Figure 12 presents a comparative analysis of the predictive performance of various model configurations through ablation experiments. The introduction of the SAM and the CAM significantly enhanced prediction performance. This improvement is more intuitively illustrated in
Table 4, where it is shown that the removal of CAM resulted in a marked decline in model performance, underscoring its crucial role in capturing key features. Although CAM had a greater impact on overall error reduction, the SAM also significantly improved model performance by capturing long-term dependencies and dynamically weighting inputs. In summary, both SAM and CAM are pivotal in enhancing predictive model performance. This study proposes that integrating these two mechanisms enables the model to perform well across all datasets, thereby validating the effectiveness and necessity of the dual-attention mechanism.
3.5.3. Prognostic Results Analysis
The predicted results and the actual RUL values are shown in
Figure 13. As can be seen from the figure, the predicted RULs of the four datasets closely match the actual RUL values. The fitted curves on FD001 and FD003 are close to the actual values, showing that the model can effectively predict the RUL. On the other hand, most of the predicted results in the FD002 and FD004 datasets are smaller than the actual results, which indicates that the model is capable of significantly mitigating the risks associated with late predictions.

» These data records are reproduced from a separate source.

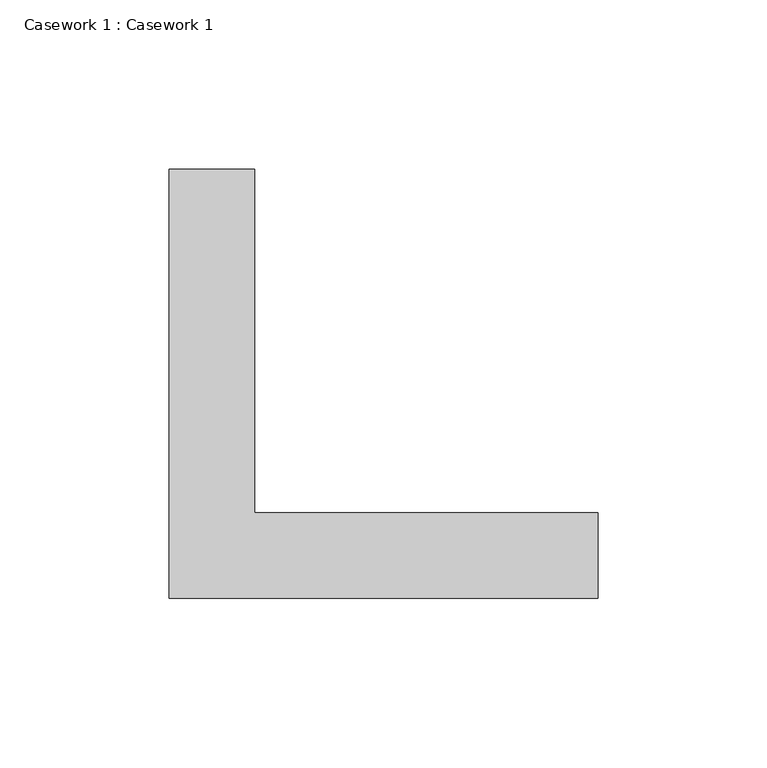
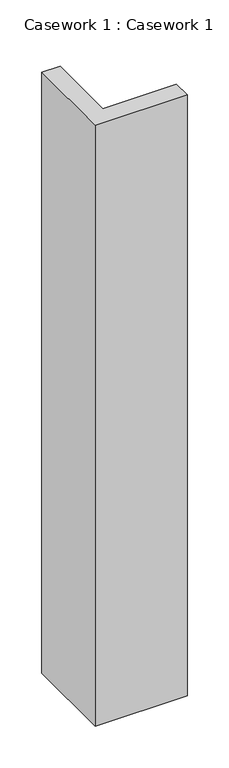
"""IFC4 building model written with IfcOpenShell, lengths in millimetres: furniture geometry, Casework 1 : Casework 1."""

from ifc_helpers import new_model, si_unit, origin, origin_with_axes, place, context, project, spatial, polyline, outline, extrude, source, transform, mapped, element, save


def casework_1_casework_1_530cd3f0(model_context):
    return source(origin(), model_context, "Body", "SweptSolid", [
        extrude(outline(polyline([(-5528.9401664, 10742.9683939), (-5427.3401664, 10742.9683939), (-5427.3401664, 10717.5683939), (-5554.3401664, 10717.5683939), (-5554.3401664, 10844.5683939), (-5528.9401664, 10844.5683939), (-5528.9401664, 10742.9683939)])), origin_with_axes(), (0.0, 0.0, 1.0), 876.3),
    ])


if __name__ == "__main__":
    model = new_model("IFC4")
    model_context = context("Model", 3, world=origin())
    ifc_project = project(units=[si_unit("LENGTHUNIT", "METRE", prefix="MILLI")], contexts=[model_context])
    site = spatial("IfcSite", under=ifc_project)
    building = spatial("IfcBuilding", under=site)
    placement = place(None, origin())
    casework_1_casework_1_shape = casework_1_casework_1_530cd3f0(model_context)
    element("IfcFurniture", 1, ObjectType="Casework 1 : Casework 1", at=placement, inside=building, context=model_context, shape_type="MappedRepresentation", body=[
        mapped(casework_1_casework_1_shape, transform((0.0, 0.0, 0.0), x_axis=(1.0, 0.0, 0.0), y_axis=(0.0, 1.0, 0.0), z_axis=(0.0, 0.0, 1.0))),
    ])
    save(model, "model.ifc")
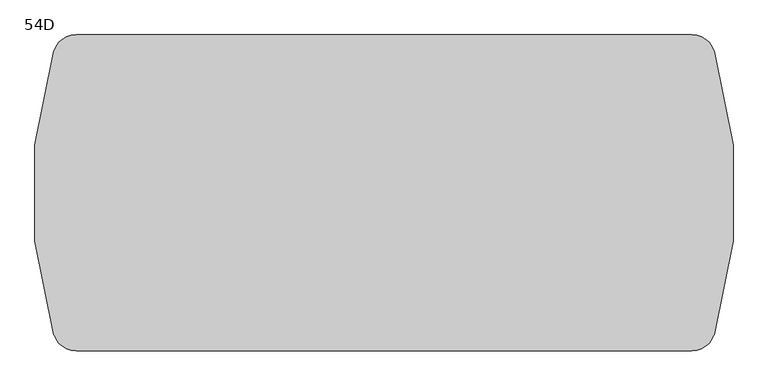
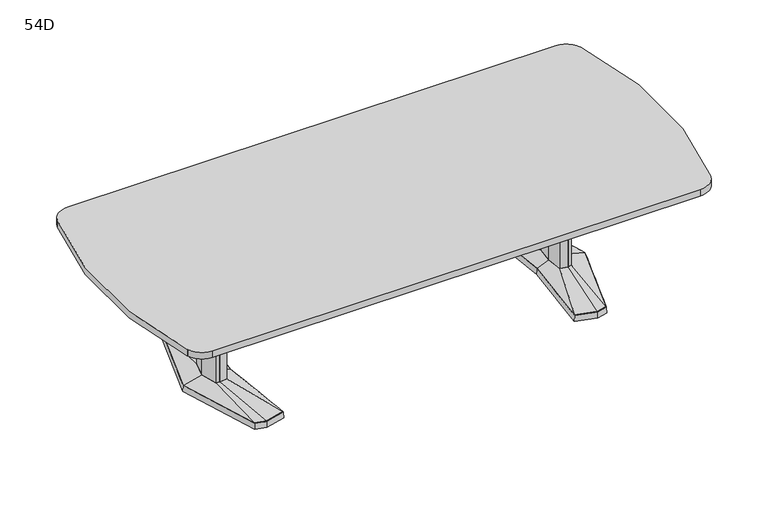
"""IFC4 building model written with IfcOpenShell, lengths in millimetres: furniture geometry, Coalesse_AM_Table_Conference_ETable2_SoftRadiused_10ft_AluminiumBase : 54D."""

from ifc_helpers import new_model, si_unit, frame, origin, place, context, project, spatial, polyline, circle_curve, outline, extrude, faceted_brep, source, transform, mapped, element, save
from ifc_brep_helpers import plane_surface, cylinder_surface, spline_surface, advanced_brep


def furniture_54d_84b97fea(model_context):
    return source(origin(), model_context, "Body", "SolidModel", [
        faceted_brep([(905.8306835, 455.5848221, 38.1), (796.2531277, 426.2263816, 38.1), (837.4163717, 0.0, 38.1), (796.2531277, -426.2263816, 38.1), (905.8306835, -455.5848221, 38.1), (961.9570396, -440.5478297, 38.1), (1099.2684269, 0.0, 38.1), (961.9570396, 440.5478297, 38.1), (905.8306754, 457.2283104, 3.175), (963.2124472, 441.8549756, 3.175), (1100.93125, 0.0, 3.175), (963.2124472, -441.8549756, 3.175), (905.8306754, -457.2283104, 3.175), (794.54375, -427.4118891, 3.175), (835.8214856, 0.0, 3.175), (794.54375, 427.4118891, 3.175), (909.420115, 428.3273875, 3.175), (804.3718228, 402.1057253, 3.175), (812.490518, 377.985069, 3.175), (913.0095466, 401.0699529, 3.175), (963.5691725, 387.524361, 3.175), (962.7631061, 414.0360954, 3.175), (909.420115, -428.3273875, 3.175), (962.7631061, -414.0360954, 3.175), (963.5691725, -387.524361, 3.175), (913.0095466, -401.0699529, 3.175), (812.490518, -377.985069, 3.175), (804.3718228, -402.1057253, 3.175), (1036.0153621, 0.0, 3.175), (1003.7459611, 120.4193755, 3.175), (955.0987222, 133.471665, 3.175), (875.2180526, 119.4176561, 3.175), (864.0868466, 0.0, 3.175), (875.2180526, -119.4176561, 3.175), (955.0987222, -133.471665, 3.175), (1003.7459611, -120.4193755, 3.175), (909.420115, 428.3273875, 0.0), (962.7631061, 414.0360954, 0.0), (963.5691725, 387.524361, 0.0), (913.0095466, 401.0699529, 0.0), (812.490518, 377.985069, 0.0), (804.3718228, 402.1057253, 0.0), (909.420115, -428.3273875, 0.0), (804.3718228, -402.1057253, 0.0), (812.490518, -377.985069, 0.0), (913.0095466, -401.0699529, 0.0), (963.5691725, -387.524361, 0.0), (962.7631061, -414.0360954, 0.0), (1036.0153621, 0.0, 0.0), (1003.7459611, -120.4193755, 0.0), (955.0987222, -133.471665, 0.0), (875.2180526, -119.4176561, 0.0), (864.0868466, 0.0, 0.0), (875.2180526, 119.4176561, 0.0), (955.0987222, 133.471665, 0.0), (1003.7459611, 120.4193755, 0.0)], [[[0, 1, 2, 3, 4, 5, 6, 7]], [[8, 9, 10, 11, 12, 13, 14, 15], [16, 17, 18, 19, 20, 21], [22, 23, 24, 25, 26, 27], [28, 29, 30, 31, 32, 33, 34, 35]], [[7, 9, 8, 0]], [[6, 10, 9, 7]], [[5, 11, 10, 6]], [[4, 12, 11, 5]], [[3, 13, 12, 4]], [[2, 14, 13, 3]], [[1, 15, 14, 2]], [[0, 8, 15, 1]], [[36, 37, 38, 39, 40, 41]], [[42, 43, 44, 45, 46, 47]], [[48, 49, 50, 51, 52, 53, 54, 55]], [[36, 16, 21, 37]], [[37, 21, 20, 38]], [[38, 20, 19, 39]], [[39, 19, 18, 40]], [[40, 18, 17, 41]], [[41, 17, 16, 36]], [[42, 22, 27, 43]], [[43, 27, 26, 44]], [[44, 26, 25, 45]], [[45, 25, 24, 46]], [[46, 24, 23, 47]], [[47, 23, 22, 42]], [[48, 28, 35, 49]], [[49, 35, 34, 50]], [[50, 34, 33, 51]], [[51, 33, 32, 52]], [[52, 32, 31, 53]], [[53, 31, 30, 54]], [[54, 30, 29, 55]], [[55, 29, 28, 48]]]),
        faceted_brep([(996.5710836, 0.0, 698.5), (972.6358546, 89.3188359, 698.5), (955.7824984, 93.8406728, 698.5), (953.3826511, 94.4845635, 698.5), (910.455146, 86.9320037, 698.5), (902.3520056, 0.0, 698.5), (910.455146, -86.9320037, 698.5), (953.3826511, -94.4845635, 698.5), (955.7824984, -93.8406728, 698.5), (972.6358546, -89.3188359, 698.5), (996.5710836, 0.0, 63.5), (972.6358546, -89.3188359, 63.5), (955.7824984, -93.8406728, 63.5), (953.3826511, -94.4845635, 63.5), (910.455146, -86.9320037, 63.5), (902.3520056, 0.0, 63.5), (910.455146, 86.9320037, 63.5), (953.3826511, 94.4845635, 63.5), (955.7824984, 93.8406728, 63.5), (972.6358546, 89.3188359, 63.5)], [[[0, 1, 2, 3, 4, 5, 6, 7, 8, 9]], [[10, 11, 12, 13, 14, 15, 16, 17, 18, 19]], [[9, 11, 10, 0]], [[8, 12, 11, 9]], [[7, 13, 12, 8]], [[6, 14, 13, 7]], [[5, 15, 14, 6]], [[4, 16, 15, 5]], [[3, 17, 16, 4]], [[2, 18, 17, 3]], [[1, 19, 18, 2]], [[0, 10, 19, 1]]]),
        advanced_brep(
        [(953.3826511, 94.4845635, 63.5), (910.455146, 86.9320037, 63.5), (902.3520056, 0.0, 63.5), (910.455146, -86.9320037, 63.5), (953.3826511, -94.4845635, 63.5), (972.6358546, -89.3188359, 63.5), (996.5710836, 0.0, 63.5), (972.6358546, 89.3188359, 63.5), (905.8306835, 455.5848221, 38.1), (961.9570396, 440.5478297, 38.1), (1099.2684269, 0.0, 38.1), (961.9570396, -440.5478297, 38.1), (905.8306835, -455.5848221, 38.1), (796.2531277, -426.2263816, 38.1), (837.4163717, 0.0, 38.1), (796.2531277, 426.2263816, 38.1)],
        [
            (0, 1),
            (1, 2),
            (2, 3),
            (3, 4),
            (4, 5),
            (5, 6),
            (6, 7),
            (7, 0),
            (8, 9),
            (9, 10),
            (10, 11),
            (11, 12),
            (12, 13),
            (13, 14),
            (14, 15),
            (15, 8),
            (8, 0),
            (7, 9),
            (6, 10),
            (5, 11),
            (4, 12),
            (3, 13),
            (2, 14),
            (1, 15),
        ],
        [
            plane_surface(frame((946.4837991, 0.0, 63.5), z_axis=(0.0, 0.0, 1.0), x_axis=(-0.25884244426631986, -0.9659195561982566, 0.0))),
            plane_surface(frame((908.0958125, 0.0, 38.1), z_axis=(0.0, 0.0, -1.0), x_axis=(-0.25884244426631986, -0.9659195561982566, 0.0))),
            spline_surface(1, 1, [[(905.8306835, 455.5848221, 38.1), (961.9570396, 440.5478297, 38.1)], [(953.3826511, 94.4845635, 63.5), (972.6358546, 89.3188359, 63.5)]], [2, 2], [2, 2], [0.0, 1.0], [0.0, 1.0]),
            spline_surface(1, 1, [[(961.9570396, 440.5478297, 38.1), (1099.2684269, 0.0, 38.1)], [(972.6358546, 89.3188359, 63.5), (996.5710836, 0.0, 63.5)]], [2, 2], [2, 2], [0.0, 1.0], [0.0, 1.0]),
            spline_surface(1, 1, [[(1099.2684269, 0.0, 38.1), (961.9570396, -440.5478297, 38.1)], [(996.5710836, 0.0, 63.5), (972.6358546, -89.3188359, 63.5)]], [2, 2], [2, 2], [0.0, 1.0], [0.0, 1.0]),
            spline_surface(1, 1, [[(961.9570396, -440.5478297, 38.1), (905.8306835, -455.5848221, 38.1)], [(972.6358546, -89.3188359, 63.5), (953.3826511, -94.4845635, 63.5)]], [2, 2], [2, 2], [0.0, 1.0], [0.0, 1.0]),
            spline_surface(1, 1, [[(905.8306835, -455.5848221, 38.1), (796.2531277, -426.2263816, 38.1)], [(953.3826511, -94.4845635, 63.5), (910.455146, -86.9320037, 63.5)]], [2, 2], [2, 2], [0.0, 1.0], [0.0, 1.0]),
            spline_surface(1, 1, [[(796.2531277, -426.2263816, 38.1), (837.4163717, 0.0, 38.1)], [(910.455146, -86.9320037, 63.5), (902.3520056, 0.0, 63.5)]], [2, 2], [2, 2], [0.0, 1.0], [0.0, 1.0]),
            spline_surface(1, 1, [[(837.4163717, 0.0, 38.1), (796.2531277, 426.2263816, 38.1)], [(902.3520056, 0.0, 63.5), (910.455146, 86.9320037, 63.5)]], [2, 2], [2, 2], [0.0, 1.0], [0.0, 1.0]),
            spline_surface(1, 1, [[(796.2531277, 426.2263816, 38.1), (905.8306835, 455.5848221, 38.1)], [(910.455146, 86.9320037, 63.5), (953.3826511, 94.4845635, 63.5)]], [2, 2], [2, 2], [0.0, 1.0], [0.0, 1.0]),
        ],
        [
            (0, [[1, 2, 3, 4, 5, 6, 7, 8]]),
            (1, [[9, 10, 11, 12, 13, 14, 15, 16]]),
            (2, [[17, -8, 18, -9]]),
            (3, [[-18, -7, 19, -10]]),
            (4, [[-19, -6, 20, -11]]),
            (5, [[-20, -5, 21, -12]]),
            (6, [[-21, -4, 22, -13]]),
            (7, [[-22, -3, 23, -14]]),
            (8, [[-23, -2, 24, -15]]),
            (9, [[-24, -1, -17, -16]]),
        ],
    ),
        faceted_brep([(-905.8306835, 455.5848221, 38.1), (-961.9570396, 440.5478297, 38.1), (-1099.2684269, 0.0, 38.1), (-961.9570396, -440.5478297, 38.1), (-905.8306835, -455.5848221, 38.1), (-796.2531277, -426.2263816, 38.1), (-837.4163717, 0.0, 38.1), (-796.2531277, 426.2263816, 38.1), (-905.8306754, 457.2283104, 3.175), (-794.54375, 427.4118891, 3.175), (-835.8214856, 0.0, 3.175), (-794.54375, -427.4118891, 3.175), (-905.8306754, -457.2283104, 3.175), (-963.2124472, -441.8549756, 3.175), (-1100.93125, 0.0, 3.175), (-963.2124472, 441.8549756, 3.175), (-909.420115, 428.3273875, 3.175), (-962.7631061, 414.0360954, 3.175), (-963.5691725, 387.524361, 3.175), (-913.0095466, 401.0699529, 3.175), (-812.490518, 377.985069, 3.175), (-804.3718228, 402.1057253, 3.175), (-909.420115, -428.3273875, 3.175), (-804.3718228, -402.1057253, 3.175), (-812.490518, -377.985069, 3.175), (-913.0095466, -401.0699529, 3.175), (-963.5691725, -387.524361, 3.175), (-962.7631061, -414.0360954, 3.175), (-1036.0153621, 0.0, 3.175), (-1003.7459611, -120.4193755, 3.175), (-955.0987222, -133.471665, 3.175), (-875.2180526, -119.4176561, 3.175), (-864.0868466, 0.0, 3.175), (-875.2180526, 119.4176561, 3.175), (-955.0987222, 133.471665, 3.175), (-1003.7459611, 120.4193755, 3.175), (-909.420115, 428.3273875, 0.0), (-804.3718228, 402.1057253, 0.0), (-812.490518, 377.985069, 0.0), (-913.0095466, 401.0699529, 0.0), (-963.5691725, 387.524361, 0.0), (-962.7631061, 414.0360954, 0.0), (-909.420115, -428.3273875, 0.0), (-962.7631061, -414.0360954, 0.0), (-963.5691725, -387.524361, 0.0), (-913.0095466, -401.0699529, 0.0), (-812.490518, -377.985069, 0.0), (-804.3718228, -402.1057253, 0.0), (-1036.0153621, 0.0, 0.0), (-1003.7459611, 120.4193755, 0.0), (-955.0987222, 133.471665, 0.0), (-875.2180526, 119.4176561, 0.0), (-864.0868466, 0.0, 0.0), (-875.2180526, -119.4176561, 0.0), (-955.0987222, -133.471665, 0.0), (-1003.7459611, -120.4193755, 0.0)], [[[0, 1, 2, 3, 4, 5, 6, 7]], [[8, 9, 10, 11, 12, 13, 14, 15], [16, 17, 18, 19, 20, 21], [22, 23, 24, 25, 26, 27], [28, 29, 30, 31, 32, 33, 34, 35]], [[1, 0, 8, 15]], [[2, 1, 15, 14]], [[3, 2, 14, 13]], [[4, 3, 13, 12]], [[5, 4, 12, 11]], [[6, 5, 11, 10]], [[7, 6, 10, 9]], [[0, 7, 9, 8]], [[36, 37, 38, 39, 40, 41]], [[42, 43, 44, 45, 46, 47]], [[48, 49, 50, 51, 52, 53, 54, 55]], [[36, 41, 17, 16]], [[41, 40, 18, 17]], [[40, 39, 19, 18]], [[39, 38, 20, 19]], [[38, 37, 21, 20]], [[37, 36, 16, 21]], [[42, 47, 23, 22]], [[47, 46, 24, 23]], [[46, 45, 25, 24]], [[45, 44, 26, 25]], [[44, 43, 27, 26]], [[43, 42, 22, 27]], [[48, 55, 29, 28]], [[55, 54, 30, 29]], [[54, 53, 31, 30]], [[53, 52, 32, 31]], [[52, 51, 33, 32]], [[51, 50, 34, 33]], [[50, 49, 35, 34]], [[49, 48, 28, 35]]]),
        faceted_brep([(-996.5710836, 0.0, 698.5), (-972.6358546, -89.3188359, 698.5), (-955.7824984, -93.8406728, 698.5), (-953.3826511, -94.4845635, 698.5), (-910.455146, -86.9320037, 698.5), (-902.3520056, 0.0, 698.5), (-910.455146, 86.9320037, 698.5), (-953.3826511, 94.4845635, 698.5), (-955.7824984, 93.8406728, 698.5), (-972.6358546, 89.3188359, 698.5), (-996.5710836, 0.0, 63.5), (-972.6358546, 89.3188359, 63.5), (-955.7824984, 93.8406728, 63.5), (-953.3826511, 94.4845635, 63.5), (-910.455146, 86.9320037, 63.5), (-902.3520056, 0.0, 63.5), (-910.455146, -86.9320037, 63.5), (-953.3826511, -94.4845635, 63.5), (-955.7824984, -93.8406728, 63.5), (-972.6358546, -89.3188359, 63.5)], [[[0, 1, 2, 3, 4, 5, 6, 7, 8, 9]], [[10, 11, 12, 13, 14, 15, 16, 17, 18, 19]], [[1, 0, 10, 19]], [[2, 1, 19, 18]], [[3, 2, 18, 17]], [[4, 3, 17, 16]], [[5, 4, 16, 15]], [[6, 5, 15, 14]], [[7, 6, 14, 13]], [[8, 7, 13, 12]], [[9, 8, 12, 11]], [[0, 9, 11, 10]]]),
        advanced_brep(
        [(-953.3826511, 94.4845635, 63.5), (-972.6358546, 89.3188359, 63.5), (-996.5710836, 0.0, 63.5), (-972.6358546, -89.3188359, 63.5), (-953.3826511, -94.4845635, 63.5), (-910.455146, -86.9320037, 63.5), (-902.3520056, 0.0, 63.5), (-910.455146, 86.9320037, 63.5), (-905.8306835, 455.5848221, 38.1), (-796.2531277, 426.2263816, 38.1), (-837.4163717, 0.0, 38.1), (-796.2531277, -426.2263816, 38.1), (-905.8306835, -455.5848221, 38.1), (-961.9570396, -440.5478297, 38.1), (-1099.2684269, 0.0, 38.1), (-961.9570396, 440.5478297, 38.1)],
        [
            (0, 1),
            (1, 2),
            (2, 3),
            (3, 4),
            (4, 5),
            (5, 6),
            (6, 7),
            (7, 0),
            (8, 9),
            (9, 10),
            (10, 11),
            (11, 12),
            (12, 13),
            (13, 14),
            (14, 15),
            (15, 8),
            (15, 1),
            (0, 8),
            (14, 2),
            (13, 3),
            (12, 4),
            (11, 5),
            (10, 6),
            (9, 7),
        ],
        [
            plane_surface(frame((-946.4837991, 0.0, 63.5), z_axis=(0.0, 0.0, 1.0), x_axis=(0.25884244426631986, -0.9659195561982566, 0.0))),
            plane_surface(frame((-908.0958125, 0.0, 38.1), z_axis=(0.0, 0.0, -1.0), x_axis=(0.25884244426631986, -0.9659195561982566, 0.0))),
            spline_surface(1, 1, [[(-905.8306835, 455.5848221, 38.1), (-953.3826511, 94.4845635, 63.5)], [(-961.9570396, 440.5478297, 38.1), (-972.6358546, 89.3188359, 63.5)]], [2, 2], [2, 2], [0.0, 1.0], [0.0, 1.0]),
            spline_surface(1, 1, [[(-961.9570396, 440.5478297, 38.1), (-972.6358546, 89.3188359, 63.5)], [(-1099.2684269, 0.0, 38.1), (-996.5710836, 0.0, 63.5)]], [2, 2], [2, 2], [0.0, 1.0], [0.0, 1.0]),
            spline_surface(1, 1, [[(-1099.2684269, 0.0, 38.1), (-996.5710836, 0.0, 63.5)], [(-961.9570396, -440.5478297, 38.1), (-972.6358546, -89.3188359, 63.5)]], [2, 2], [2, 2], [0.0, 1.0], [0.0, 1.0]),
            spline_surface(1, 1, [[(-961.9570396, -440.5478297, 38.1), (-972.6358546, -89.3188359, 63.5)], [(-905.8306835, -455.5848221, 38.1), (-953.3826511, -94.4845635, 63.5)]], [2, 2], [2, 2], [0.0, 1.0], [0.0, 1.0]),
            spline_surface(1, 1, [[(-905.8306835, -455.5848221, 38.1), (-953.3826511, -94.4845635, 63.5)], [(-796.2531277, -426.2263816, 38.1), (-910.455146, -86.9320037, 63.5)]], [2, 2], [2, 2], [0.0, 1.0], [0.0, 1.0]),
            spline_surface(1, 1, [[(-796.2531277, -426.2263816, 38.1), (-910.455146, -86.9320037, 63.5)], [(-837.4163717, 0.0, 38.1), (-902.3520056, 0.0, 63.5)]], [2, 2], [2, 2], [0.0, 1.0], [0.0, 1.0]),
            spline_surface(1, 1, [[(-837.4163717, 0.0, 38.1), (-902.3520056, 0.0, 63.5)], [(-796.2531277, 426.2263816, 38.1), (-910.455146, 86.9320037, 63.5)]], [2, 2], [2, 2], [0.0, 1.0], [0.0, 1.0]),
            spline_surface(1, 1, [[(-796.2531277, 426.2263816, 38.1), (-910.455146, 86.9320037, 63.5)], [(-905.8306835, 455.5848221, 38.1), (-953.3826511, 94.4845635, 63.5)]], [2, 2], [2, 2], [0.0, 1.0], [0.0, 1.0]),
        ],
        [
            (0, [[1, 2, 3, 4, 5, 6, 7, 8]]),
            (1, [[9, 10, 11, 12, 13, 14, 15, 16]]),
            (2, [[-16, 17, -1, 18]]),
            (3, [[-15, 19, -2, -17]]),
            (4, [[-14, 20, -3, -19]]),
            (5, [[-13, 21, -4, -20]]),
            (6, [[-12, 22, -5, -21]]),
            (7, [[-11, 23, -6, -22]]),
            (8, [[-10, 24, -7, -23]]),
            (9, [[-9, -18, -8, -24]]),
        ],
    ),
        extrude(outline(polyline([(96.8375, 698.5), (103.1875, 698.5), (103.1875, 476.25), (-103.1875, 476.25), (-103.1875, 698.5), (-96.8375, 698.5), (-96.8375, 482.6), (96.8375, 482.6), (96.8375, 698.5)])), frame((-902.49375, 0.0, 0.0), z_axis=(1.0, 0.0, 0.0), x_axis=(0.0, 1.0, 0.0)), (0.0, 0.0, 1.0), 1804.9875),
        advanced_brep(
        [(-1335.2420702, 685.8, 736.6), (-1431.0315996, 618.0662966, 736.6), (-1431.7818993, 615.9441026, 736.6), (-1431.7818993, -615.9441026, 736.6), (-1431.0315996, -618.0662966, 736.6), (-1335.2417376, -685.8, 736.6), (1335.2420702, -685.8, 736.6), (1431.0315996, -618.0662966, 736.6), (1431.7818993, -615.9441026, 736.6), (1431.7818993, 615.9441026, 736.6), (1431.0315996, 618.0662966, 736.6), (1335.2420702, 685.8, 736.6), (-1335.2420702, 685.8, 698.5), (1335.2420702, 685.8, 698.5), (1431.0315996, 618.0662966, 698.5), (1431.7818993, 615.9441026, 698.5), (1431.7818993, -615.9441026, 698.5), (1431.0315996, -618.0662966, 698.5), (1335.2420702, -685.8, 698.5), (-1335.2417376, -685.8, 698.5), (-1431.0312448, -618.0663594, 698.5), (-1431.7818993, -615.9441026, 698.5), (-1431.7818993, 615.9441026, 698.5), (-1431.0315996, 618.0662966, 698.5)],
        [
            (0, 1, circle_curve(frame((-1335.2420702, 584.2, 736.6), z_axis=(0.0, 0.0, 1.0), x_axis=(1.0, 0.0, 0.0)), 101.6)),
            (1, 2),
            (2, 3, circle_curve(frame((570.3458071, 0.0, 736.6), z_axis=(0.0, 0.0, 1.0), x_axis=(1.0, 0.0, 0.0)), 2094.7320807)),
            (3, 4),
            (4, 5, circle_curve(frame((-1335.2417376, -584.2, 736.6), z_axis=(0.0, 0.0, 1.0), x_axis=(1.0, 0.0, 0.0)), 101.6)),
            (5, 6),
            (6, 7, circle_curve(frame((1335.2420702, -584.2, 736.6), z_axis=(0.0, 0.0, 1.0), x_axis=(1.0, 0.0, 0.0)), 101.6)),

3.5.4. Comparison with the State-of-the-Art Methods
Table 5 and
Table 6 present the experimental results of the proposed method compared to several state-of-the-art methods across four datasets. Results highlighted in bold indicate the best performance among all methods.
As shown in
Table 5, the proposed method achieved the lowest RMSE on three of the four datasets (FD002, FD003, and FD004), demonstrating its superior prediction accuracy. On the FD001 dataset, although the RMSE of the proposed method was slightly higher than other advanced methods such as the double-attention-based architecture [
47], the overall average RMSE across all datasets (14.47) was the best among the compared methods. This indicates that the proposed method performs well in both simple and complex scenarios. In particular, the proposed method showed a significant improvement in the complex datasets FD002 and FD004, where the reduction in RMSE compared to other methods, such as MODBNE [
12], was particularly pronounced. This highlights the proposed method’s robustness and adaptability in handling complex operational conditions.
Furthermore, as seen in the Score metrics of
Table 6, the proposed method consistently achieved better scores across three datasets (FD002, FD003, and FD004). While the Score on FD001 was slightly worse than BLSTM-CNN [
48], the proposed method still maintained a balance between prediction accuracy and early failure detection. Early predictions can help reduce maintenance costs and avoid potential damages in practical scenarios, as demonstrated by the superior performance in FD004.
In summary, compared with advanced methods like the double-attention-based architecture [
47] and BiGRU-TSAM [
46], the proposed method surpassed them in RMSE and Score on average, showing its ability to achieve accurate and reliable RUL predictions while maintaining a practical advantage in handling complex conditions.